## Input records
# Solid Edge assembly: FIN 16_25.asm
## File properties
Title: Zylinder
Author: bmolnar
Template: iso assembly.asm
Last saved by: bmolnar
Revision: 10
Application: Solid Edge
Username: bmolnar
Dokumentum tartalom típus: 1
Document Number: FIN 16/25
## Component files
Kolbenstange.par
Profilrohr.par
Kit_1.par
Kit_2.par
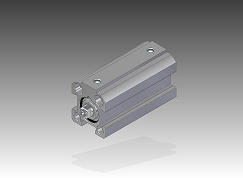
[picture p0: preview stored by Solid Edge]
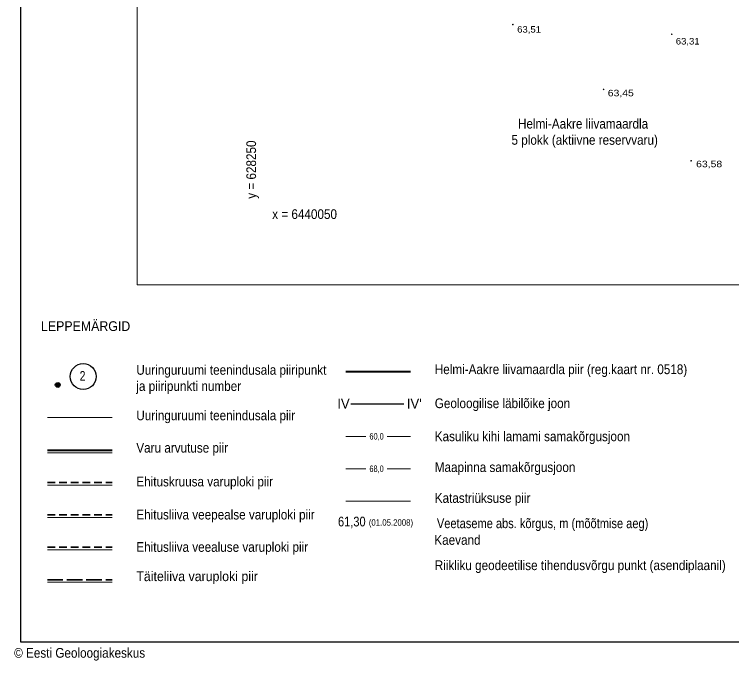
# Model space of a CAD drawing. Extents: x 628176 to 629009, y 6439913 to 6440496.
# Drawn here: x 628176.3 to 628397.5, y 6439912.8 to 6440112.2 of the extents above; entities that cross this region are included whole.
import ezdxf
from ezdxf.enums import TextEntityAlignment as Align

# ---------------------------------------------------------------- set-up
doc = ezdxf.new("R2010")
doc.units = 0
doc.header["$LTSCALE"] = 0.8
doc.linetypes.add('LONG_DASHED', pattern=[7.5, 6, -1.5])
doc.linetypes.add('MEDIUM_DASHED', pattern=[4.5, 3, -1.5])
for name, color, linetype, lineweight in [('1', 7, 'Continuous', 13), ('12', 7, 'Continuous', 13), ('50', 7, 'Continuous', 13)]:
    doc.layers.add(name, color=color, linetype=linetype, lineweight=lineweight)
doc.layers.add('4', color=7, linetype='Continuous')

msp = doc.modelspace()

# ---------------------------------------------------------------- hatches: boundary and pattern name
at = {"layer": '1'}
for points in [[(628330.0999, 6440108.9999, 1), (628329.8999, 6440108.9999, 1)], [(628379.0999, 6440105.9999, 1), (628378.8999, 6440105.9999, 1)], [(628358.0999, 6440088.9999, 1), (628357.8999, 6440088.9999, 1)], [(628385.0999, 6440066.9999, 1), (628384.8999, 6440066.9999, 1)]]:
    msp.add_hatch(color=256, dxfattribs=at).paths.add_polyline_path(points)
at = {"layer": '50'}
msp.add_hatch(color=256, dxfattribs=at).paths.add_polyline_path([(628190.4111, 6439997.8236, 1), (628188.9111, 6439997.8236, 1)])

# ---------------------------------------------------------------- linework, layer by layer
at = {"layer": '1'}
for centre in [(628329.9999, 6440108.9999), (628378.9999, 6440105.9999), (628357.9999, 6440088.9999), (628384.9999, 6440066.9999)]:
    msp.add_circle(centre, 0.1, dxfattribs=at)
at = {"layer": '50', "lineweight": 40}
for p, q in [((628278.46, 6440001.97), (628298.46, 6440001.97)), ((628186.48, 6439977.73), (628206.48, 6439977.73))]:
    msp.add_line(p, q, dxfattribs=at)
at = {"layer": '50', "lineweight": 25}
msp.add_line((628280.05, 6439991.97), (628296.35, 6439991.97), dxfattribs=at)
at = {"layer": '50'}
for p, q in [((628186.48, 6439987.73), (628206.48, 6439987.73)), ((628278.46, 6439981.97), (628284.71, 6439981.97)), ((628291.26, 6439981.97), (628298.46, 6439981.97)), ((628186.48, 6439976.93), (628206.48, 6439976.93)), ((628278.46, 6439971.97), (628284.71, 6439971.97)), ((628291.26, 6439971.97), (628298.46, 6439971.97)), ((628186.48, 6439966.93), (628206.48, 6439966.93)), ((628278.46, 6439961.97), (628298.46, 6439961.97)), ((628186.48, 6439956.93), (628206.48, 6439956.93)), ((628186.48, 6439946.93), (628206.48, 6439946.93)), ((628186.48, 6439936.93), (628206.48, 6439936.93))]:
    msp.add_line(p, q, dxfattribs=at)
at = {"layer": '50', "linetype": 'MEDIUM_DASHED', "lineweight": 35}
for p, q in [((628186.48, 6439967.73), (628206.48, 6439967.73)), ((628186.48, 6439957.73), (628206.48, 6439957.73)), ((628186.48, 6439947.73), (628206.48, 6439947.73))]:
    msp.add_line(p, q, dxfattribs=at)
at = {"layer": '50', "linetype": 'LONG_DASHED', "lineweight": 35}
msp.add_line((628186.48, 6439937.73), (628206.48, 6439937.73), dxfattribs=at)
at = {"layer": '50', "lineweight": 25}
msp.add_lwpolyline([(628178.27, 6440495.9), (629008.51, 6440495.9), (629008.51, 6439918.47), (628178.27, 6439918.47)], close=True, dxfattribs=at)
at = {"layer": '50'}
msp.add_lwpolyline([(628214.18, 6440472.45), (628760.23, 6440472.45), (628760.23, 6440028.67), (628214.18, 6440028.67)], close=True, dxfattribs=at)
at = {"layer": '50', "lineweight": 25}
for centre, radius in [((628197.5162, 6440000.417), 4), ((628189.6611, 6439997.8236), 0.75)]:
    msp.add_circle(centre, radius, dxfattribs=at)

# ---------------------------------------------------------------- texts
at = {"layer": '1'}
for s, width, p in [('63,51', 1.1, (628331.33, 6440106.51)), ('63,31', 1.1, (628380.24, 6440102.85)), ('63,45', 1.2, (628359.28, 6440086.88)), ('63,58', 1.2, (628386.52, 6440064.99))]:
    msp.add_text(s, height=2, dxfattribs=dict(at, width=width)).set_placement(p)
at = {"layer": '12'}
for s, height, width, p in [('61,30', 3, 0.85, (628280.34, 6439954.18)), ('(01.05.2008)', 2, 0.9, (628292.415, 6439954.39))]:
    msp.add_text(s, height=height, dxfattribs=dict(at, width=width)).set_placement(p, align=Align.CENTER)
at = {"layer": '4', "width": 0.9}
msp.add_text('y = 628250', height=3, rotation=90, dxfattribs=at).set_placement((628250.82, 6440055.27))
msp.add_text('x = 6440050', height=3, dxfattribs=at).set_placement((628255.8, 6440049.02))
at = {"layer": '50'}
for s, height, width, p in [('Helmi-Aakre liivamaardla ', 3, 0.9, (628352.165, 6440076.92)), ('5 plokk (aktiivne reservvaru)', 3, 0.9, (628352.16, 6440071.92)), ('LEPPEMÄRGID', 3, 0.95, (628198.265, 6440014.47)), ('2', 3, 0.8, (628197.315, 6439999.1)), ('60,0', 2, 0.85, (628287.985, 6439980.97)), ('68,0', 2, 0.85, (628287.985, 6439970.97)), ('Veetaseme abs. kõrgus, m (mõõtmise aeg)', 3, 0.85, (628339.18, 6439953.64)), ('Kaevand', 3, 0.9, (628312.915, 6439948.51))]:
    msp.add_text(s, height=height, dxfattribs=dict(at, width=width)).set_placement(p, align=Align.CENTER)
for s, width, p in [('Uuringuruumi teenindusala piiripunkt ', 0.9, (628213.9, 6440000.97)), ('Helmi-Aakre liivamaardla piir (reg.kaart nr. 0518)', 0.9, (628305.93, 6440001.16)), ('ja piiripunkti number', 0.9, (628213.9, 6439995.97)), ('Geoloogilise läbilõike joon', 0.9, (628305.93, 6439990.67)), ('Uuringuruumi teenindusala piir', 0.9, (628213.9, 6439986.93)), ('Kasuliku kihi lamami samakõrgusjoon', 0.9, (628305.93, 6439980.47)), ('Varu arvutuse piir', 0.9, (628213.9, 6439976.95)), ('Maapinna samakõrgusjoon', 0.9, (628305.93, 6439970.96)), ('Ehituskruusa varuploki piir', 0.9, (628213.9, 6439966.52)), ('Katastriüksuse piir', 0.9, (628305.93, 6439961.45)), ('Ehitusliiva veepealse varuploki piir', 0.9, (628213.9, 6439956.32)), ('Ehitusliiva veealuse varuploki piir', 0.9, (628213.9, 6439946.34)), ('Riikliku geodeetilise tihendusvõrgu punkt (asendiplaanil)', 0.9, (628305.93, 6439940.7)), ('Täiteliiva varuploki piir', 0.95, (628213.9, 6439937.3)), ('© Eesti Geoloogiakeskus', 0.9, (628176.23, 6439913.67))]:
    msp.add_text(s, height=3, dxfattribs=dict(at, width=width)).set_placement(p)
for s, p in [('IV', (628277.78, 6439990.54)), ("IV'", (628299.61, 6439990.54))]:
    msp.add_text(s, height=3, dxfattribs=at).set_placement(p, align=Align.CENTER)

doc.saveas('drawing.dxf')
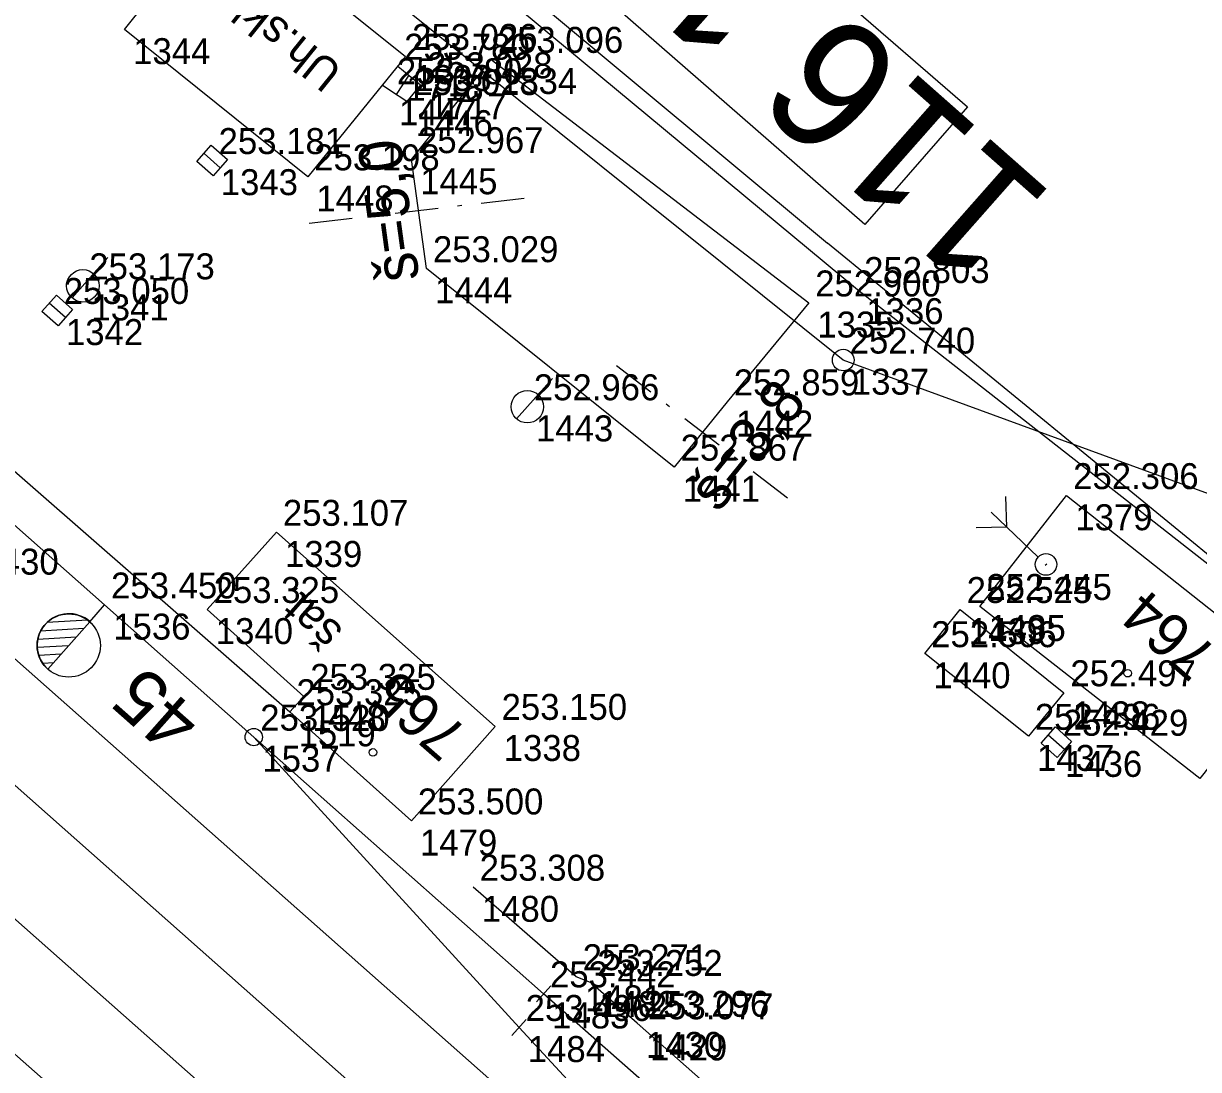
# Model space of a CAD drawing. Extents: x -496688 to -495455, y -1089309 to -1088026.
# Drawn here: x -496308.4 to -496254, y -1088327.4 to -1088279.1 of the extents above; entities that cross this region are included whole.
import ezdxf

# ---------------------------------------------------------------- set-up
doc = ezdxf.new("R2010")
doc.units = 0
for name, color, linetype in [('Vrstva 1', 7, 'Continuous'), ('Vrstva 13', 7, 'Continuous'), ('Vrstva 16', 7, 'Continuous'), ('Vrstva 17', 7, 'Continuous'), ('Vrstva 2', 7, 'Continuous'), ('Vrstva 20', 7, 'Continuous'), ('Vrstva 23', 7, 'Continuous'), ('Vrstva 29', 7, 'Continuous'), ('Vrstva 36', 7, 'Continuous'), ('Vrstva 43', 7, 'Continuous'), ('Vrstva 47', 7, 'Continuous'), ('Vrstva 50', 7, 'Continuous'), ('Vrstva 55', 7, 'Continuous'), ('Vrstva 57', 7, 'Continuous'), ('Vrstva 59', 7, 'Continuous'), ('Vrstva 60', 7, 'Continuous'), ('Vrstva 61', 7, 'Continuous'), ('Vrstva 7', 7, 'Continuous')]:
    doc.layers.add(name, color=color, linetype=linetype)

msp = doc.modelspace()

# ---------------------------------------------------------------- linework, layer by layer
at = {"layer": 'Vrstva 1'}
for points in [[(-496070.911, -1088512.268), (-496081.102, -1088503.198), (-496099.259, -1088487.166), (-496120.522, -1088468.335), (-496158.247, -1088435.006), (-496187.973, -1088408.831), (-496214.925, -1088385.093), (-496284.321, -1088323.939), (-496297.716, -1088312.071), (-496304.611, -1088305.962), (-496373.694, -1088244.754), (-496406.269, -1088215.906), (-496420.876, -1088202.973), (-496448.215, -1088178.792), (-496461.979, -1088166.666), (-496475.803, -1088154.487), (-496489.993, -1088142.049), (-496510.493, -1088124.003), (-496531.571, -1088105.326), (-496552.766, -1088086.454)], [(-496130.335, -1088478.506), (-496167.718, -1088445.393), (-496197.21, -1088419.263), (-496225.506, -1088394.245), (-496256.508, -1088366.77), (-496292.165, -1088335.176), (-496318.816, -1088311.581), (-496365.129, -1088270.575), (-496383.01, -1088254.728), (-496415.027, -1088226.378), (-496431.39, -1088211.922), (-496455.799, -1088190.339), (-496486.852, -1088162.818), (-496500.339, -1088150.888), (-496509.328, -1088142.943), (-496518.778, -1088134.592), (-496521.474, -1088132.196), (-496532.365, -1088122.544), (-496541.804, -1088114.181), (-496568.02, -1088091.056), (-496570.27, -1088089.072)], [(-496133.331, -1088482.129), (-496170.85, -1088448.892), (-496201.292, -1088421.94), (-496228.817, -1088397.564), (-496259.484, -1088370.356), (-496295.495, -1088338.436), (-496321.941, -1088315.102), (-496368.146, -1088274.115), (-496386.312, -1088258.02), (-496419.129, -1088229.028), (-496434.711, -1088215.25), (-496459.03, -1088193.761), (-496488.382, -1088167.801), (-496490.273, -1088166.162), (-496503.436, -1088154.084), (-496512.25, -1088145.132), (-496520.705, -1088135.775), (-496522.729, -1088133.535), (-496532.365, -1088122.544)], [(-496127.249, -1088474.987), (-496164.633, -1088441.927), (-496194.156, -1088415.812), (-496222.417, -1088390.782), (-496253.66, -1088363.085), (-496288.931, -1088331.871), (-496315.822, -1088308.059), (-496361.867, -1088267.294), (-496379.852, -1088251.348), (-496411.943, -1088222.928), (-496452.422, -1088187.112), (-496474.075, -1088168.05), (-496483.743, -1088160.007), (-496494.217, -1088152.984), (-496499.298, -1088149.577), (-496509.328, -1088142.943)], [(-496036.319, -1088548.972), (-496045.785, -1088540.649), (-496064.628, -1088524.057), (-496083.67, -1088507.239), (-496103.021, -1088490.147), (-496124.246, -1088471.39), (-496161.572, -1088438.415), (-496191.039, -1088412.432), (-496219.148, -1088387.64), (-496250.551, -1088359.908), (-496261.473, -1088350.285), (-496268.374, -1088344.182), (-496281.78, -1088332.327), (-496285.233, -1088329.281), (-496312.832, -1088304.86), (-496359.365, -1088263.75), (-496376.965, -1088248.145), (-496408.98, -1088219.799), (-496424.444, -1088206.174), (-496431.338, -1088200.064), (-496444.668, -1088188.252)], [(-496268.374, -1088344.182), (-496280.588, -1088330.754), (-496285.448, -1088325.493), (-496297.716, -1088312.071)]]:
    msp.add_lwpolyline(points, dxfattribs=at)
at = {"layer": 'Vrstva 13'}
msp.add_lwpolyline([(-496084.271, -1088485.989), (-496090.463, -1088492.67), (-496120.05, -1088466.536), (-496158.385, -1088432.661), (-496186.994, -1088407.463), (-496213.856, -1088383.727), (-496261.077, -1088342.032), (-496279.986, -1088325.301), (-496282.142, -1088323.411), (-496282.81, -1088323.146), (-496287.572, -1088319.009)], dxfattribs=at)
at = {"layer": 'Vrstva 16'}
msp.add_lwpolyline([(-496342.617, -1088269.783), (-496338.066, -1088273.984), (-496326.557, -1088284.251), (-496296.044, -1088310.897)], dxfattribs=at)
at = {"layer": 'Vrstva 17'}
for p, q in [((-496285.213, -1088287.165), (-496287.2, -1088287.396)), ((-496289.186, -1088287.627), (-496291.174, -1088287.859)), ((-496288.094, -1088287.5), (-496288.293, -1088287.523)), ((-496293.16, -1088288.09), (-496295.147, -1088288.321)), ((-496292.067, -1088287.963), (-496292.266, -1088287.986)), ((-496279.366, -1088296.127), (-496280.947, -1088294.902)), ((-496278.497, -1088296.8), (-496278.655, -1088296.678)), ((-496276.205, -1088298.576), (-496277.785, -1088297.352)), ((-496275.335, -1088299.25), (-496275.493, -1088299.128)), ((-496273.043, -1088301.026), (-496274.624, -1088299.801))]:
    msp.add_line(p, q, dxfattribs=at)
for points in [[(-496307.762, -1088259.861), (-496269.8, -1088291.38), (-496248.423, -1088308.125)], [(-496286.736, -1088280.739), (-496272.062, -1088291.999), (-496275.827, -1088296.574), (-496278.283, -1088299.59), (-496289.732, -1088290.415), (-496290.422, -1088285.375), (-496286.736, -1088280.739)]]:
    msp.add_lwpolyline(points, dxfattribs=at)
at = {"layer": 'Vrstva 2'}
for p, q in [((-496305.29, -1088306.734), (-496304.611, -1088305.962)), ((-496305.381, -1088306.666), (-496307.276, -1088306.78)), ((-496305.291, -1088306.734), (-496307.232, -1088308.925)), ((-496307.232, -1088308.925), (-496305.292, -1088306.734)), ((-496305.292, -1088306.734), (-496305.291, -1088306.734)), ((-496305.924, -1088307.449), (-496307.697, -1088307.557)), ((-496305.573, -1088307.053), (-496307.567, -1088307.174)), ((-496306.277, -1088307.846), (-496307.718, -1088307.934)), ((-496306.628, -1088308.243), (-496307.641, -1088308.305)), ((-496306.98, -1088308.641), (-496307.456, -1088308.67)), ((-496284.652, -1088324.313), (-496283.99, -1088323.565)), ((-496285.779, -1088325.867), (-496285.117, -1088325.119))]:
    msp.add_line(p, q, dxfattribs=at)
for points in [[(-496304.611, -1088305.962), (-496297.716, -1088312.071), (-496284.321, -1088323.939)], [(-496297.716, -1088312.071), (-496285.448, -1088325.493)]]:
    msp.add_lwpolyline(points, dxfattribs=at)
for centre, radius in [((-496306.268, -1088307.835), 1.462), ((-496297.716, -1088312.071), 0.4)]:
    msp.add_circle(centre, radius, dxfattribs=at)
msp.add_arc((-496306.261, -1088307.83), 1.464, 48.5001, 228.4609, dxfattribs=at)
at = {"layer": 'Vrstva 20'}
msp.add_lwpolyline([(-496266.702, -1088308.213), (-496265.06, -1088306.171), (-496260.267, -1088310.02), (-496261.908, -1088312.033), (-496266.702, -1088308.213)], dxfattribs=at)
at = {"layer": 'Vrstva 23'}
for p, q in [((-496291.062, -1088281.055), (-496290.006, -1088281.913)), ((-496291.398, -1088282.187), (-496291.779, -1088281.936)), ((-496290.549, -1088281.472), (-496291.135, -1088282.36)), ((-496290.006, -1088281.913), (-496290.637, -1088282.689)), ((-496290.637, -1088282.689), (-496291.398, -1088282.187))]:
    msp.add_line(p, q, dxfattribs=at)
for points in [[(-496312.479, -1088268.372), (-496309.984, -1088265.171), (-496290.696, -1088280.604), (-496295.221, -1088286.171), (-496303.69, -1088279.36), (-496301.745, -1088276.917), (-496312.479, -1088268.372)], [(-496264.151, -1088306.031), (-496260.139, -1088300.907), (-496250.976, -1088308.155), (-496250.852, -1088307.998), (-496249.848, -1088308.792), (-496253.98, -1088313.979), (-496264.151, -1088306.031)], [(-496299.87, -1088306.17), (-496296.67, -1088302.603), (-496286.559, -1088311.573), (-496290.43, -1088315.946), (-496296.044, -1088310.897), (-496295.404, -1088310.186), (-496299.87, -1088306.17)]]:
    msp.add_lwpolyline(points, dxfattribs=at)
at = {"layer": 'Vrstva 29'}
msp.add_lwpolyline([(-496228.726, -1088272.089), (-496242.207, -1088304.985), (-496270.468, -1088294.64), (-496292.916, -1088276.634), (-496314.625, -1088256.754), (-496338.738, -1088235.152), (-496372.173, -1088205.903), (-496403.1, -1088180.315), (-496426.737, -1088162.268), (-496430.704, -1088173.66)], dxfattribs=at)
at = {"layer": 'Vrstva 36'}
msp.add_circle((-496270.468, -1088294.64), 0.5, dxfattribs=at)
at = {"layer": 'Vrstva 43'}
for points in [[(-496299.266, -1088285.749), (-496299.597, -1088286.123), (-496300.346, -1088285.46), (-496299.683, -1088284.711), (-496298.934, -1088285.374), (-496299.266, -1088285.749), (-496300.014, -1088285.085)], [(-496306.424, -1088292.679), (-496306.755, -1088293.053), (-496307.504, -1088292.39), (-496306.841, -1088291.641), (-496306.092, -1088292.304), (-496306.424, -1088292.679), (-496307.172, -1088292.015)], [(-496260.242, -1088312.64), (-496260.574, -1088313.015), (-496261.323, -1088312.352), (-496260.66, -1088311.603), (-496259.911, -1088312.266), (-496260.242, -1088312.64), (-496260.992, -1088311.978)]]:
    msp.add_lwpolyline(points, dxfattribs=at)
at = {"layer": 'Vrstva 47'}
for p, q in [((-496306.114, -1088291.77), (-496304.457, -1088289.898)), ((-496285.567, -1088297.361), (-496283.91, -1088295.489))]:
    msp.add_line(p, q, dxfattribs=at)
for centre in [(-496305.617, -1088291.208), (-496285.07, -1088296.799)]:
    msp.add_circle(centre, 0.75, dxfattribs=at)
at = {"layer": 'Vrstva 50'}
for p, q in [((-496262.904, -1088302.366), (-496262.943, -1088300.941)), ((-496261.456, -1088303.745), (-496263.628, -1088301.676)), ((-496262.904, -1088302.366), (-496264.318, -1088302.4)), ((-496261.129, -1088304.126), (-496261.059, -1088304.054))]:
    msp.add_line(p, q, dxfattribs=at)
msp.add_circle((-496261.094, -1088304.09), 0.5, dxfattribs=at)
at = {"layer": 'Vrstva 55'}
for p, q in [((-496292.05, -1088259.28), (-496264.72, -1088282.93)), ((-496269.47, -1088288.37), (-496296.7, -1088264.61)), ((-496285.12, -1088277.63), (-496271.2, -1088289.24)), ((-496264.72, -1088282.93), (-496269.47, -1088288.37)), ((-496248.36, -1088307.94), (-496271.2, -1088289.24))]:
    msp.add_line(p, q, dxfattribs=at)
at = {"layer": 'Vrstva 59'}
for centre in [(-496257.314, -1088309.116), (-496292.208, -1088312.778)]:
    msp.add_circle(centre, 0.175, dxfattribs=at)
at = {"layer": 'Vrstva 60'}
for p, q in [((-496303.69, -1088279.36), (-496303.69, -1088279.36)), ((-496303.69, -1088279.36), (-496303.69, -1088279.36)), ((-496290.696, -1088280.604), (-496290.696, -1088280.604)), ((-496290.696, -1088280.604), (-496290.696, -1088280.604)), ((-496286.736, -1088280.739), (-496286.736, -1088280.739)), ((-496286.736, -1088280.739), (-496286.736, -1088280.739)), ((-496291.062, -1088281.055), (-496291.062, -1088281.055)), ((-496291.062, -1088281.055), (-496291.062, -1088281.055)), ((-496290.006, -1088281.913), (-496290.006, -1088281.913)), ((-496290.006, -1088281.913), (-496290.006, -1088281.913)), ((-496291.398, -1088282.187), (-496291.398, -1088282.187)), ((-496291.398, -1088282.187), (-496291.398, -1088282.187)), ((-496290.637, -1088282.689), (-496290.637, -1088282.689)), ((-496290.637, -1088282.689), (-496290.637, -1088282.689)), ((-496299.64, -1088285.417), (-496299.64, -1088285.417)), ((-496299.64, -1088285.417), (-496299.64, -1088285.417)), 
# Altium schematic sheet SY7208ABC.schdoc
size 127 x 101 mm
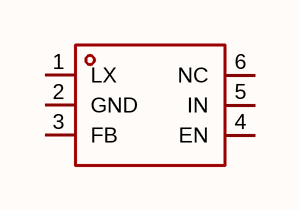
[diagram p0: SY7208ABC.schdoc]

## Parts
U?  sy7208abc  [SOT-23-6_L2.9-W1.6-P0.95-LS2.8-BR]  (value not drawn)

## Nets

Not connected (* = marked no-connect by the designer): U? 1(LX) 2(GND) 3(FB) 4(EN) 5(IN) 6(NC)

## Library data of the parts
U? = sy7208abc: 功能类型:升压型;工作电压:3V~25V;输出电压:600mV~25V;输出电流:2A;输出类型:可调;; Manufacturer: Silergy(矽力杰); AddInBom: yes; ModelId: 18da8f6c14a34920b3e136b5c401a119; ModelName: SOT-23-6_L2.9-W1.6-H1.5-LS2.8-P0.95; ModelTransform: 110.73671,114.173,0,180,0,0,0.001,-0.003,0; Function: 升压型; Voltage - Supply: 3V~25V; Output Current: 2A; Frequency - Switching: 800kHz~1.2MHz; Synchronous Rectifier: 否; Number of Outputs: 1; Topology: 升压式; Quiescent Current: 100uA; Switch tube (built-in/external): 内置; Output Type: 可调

## What to produce
As listed above, the lines from the line with "[diagram p0: SY7208ABC.schdoc]" to the line with "## Library data of the parts" are to be echoed exactly, with both ends included and nothing added.

## Solution for this problem
[diagram p0: SY7208ABC.schdoc]

## Parts
U?  sy7208abc  [SOT-23-6_L2.9-W1.6-P0.95-LS2.8-BR]  (value not drawn)

## Nets

Not connected (* = marked no-connect by the designer): U? 1(LX) 2(GND) 3(FB) 4(EN) 5(IN) 6(NC)

## Library data of the parts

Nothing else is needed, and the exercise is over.